A un second niveau, Certeau opère des distinctions d’inspiration structuraliste à l’intérieur même de l’unité langagière. C’est le cas notamment lorsqu’il entreprend d’analyser le témoignage rapporté par Jean de Léry de son expédition au Brésil dans la seconde moitié du XVIe siècle et dont Claude Lévi-Strauss avait fait le « bréviaire de l’ethnologue ». De l’aller-retour de Jean de Léry, protestant calviniste parti de Genève, découvrant les Tupinambous de la baie de Rio, avant de revenir en son point de départ, il y a à l’intérieur de ce récit de voyage une découverte essentielle, celle du sauvage. C’est cette intrusion et l’usage qu’en fait de Léry qui intéresse Certeau, la plaçant au coeur du récit ethnologique. Il le perçoit comme un cheminement circulaire de part et d’autre d’une division qui part d’une vision binaire entre le monde sauvage et le monde civilisé pour finalement se complexifier au terme d’une fracture interne du discours  qui finit par différencier une face d’extériorité et d’intériorité au sein des deux mondes opposés : « A la bipolarité initiale, dangereuse et sceptique (vérité par-deçà, erreur par-delà), se substitue un schéma circulaire construit sur le triangle de trois repères 71 », que sont Genève comme  point de départ et de retour, confronté à cette nature étrangère et à cette humanité exemplaire en lesquelles l’altérité du nouveau monde se trouve clivée d’une part en un exotisme et d’autre part en une espérance éthique, selon les voeux et l’expression qu’en donne Jean de Léry.

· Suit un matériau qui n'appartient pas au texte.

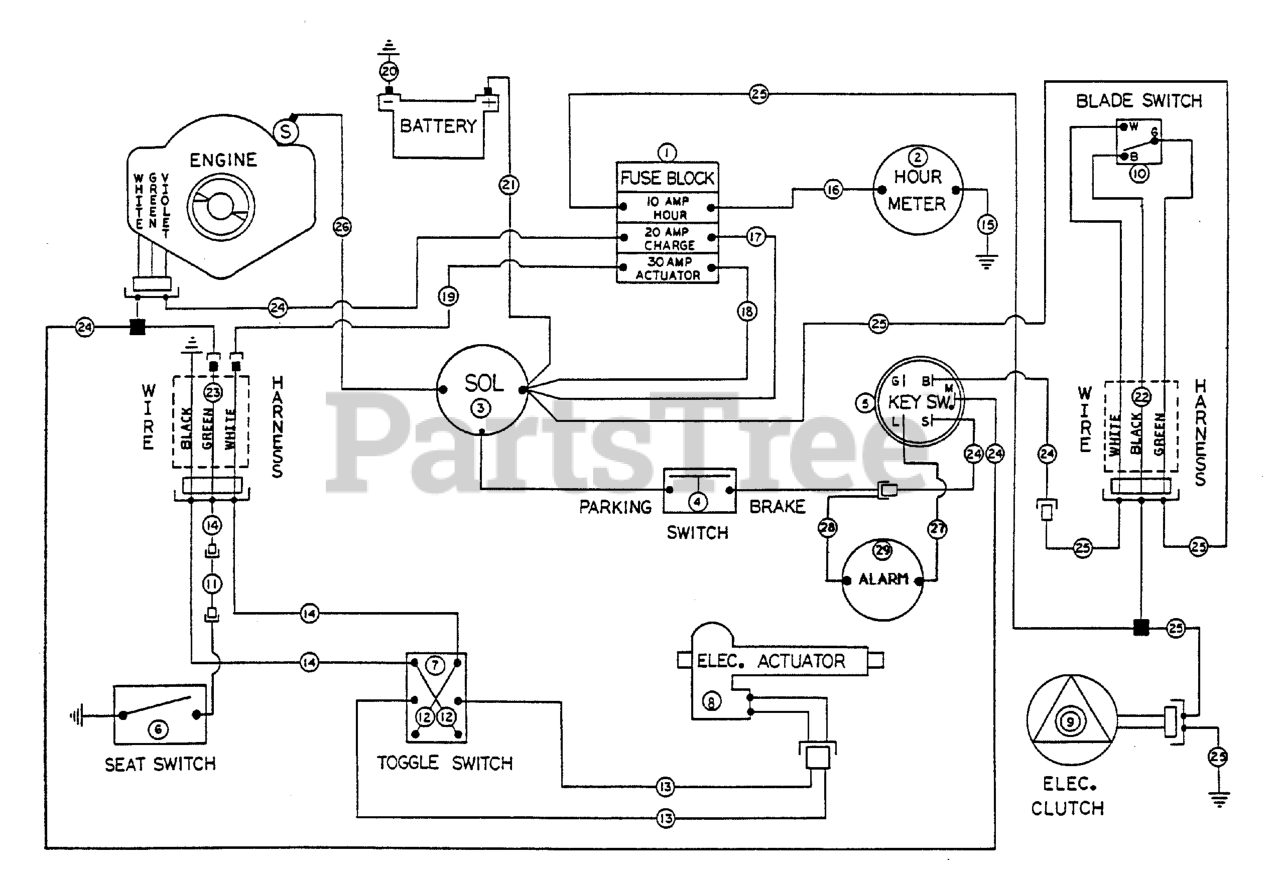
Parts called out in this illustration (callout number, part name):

Cette altérité, ce travail de l’autre à l’intérieur de l’écriture occidentale ouvre sur une « herméneutique de l’autre. Il transporte sur le nouveau monde l’appareil exégétique chrétien 72. » Jean de Léry pratique déjà cette herméneutique en substituant au langage théologique qui est  le sien au départ de Genève l’activité traductrice de son point d’arrivée. Quant à Certeau, il redouble cette activité traductrice dans la mesure où il se trouve confronté à une écriture plongée dans le XVIe siècle dont il convient de rendre  compte au XXe siècle. C’est donc à une nouvelle  opération de traduction qu’il faut procéder sur un texte doublement clivé par la différence spatiale qui le travaille et par la distance temporelle qui nous le rend absent.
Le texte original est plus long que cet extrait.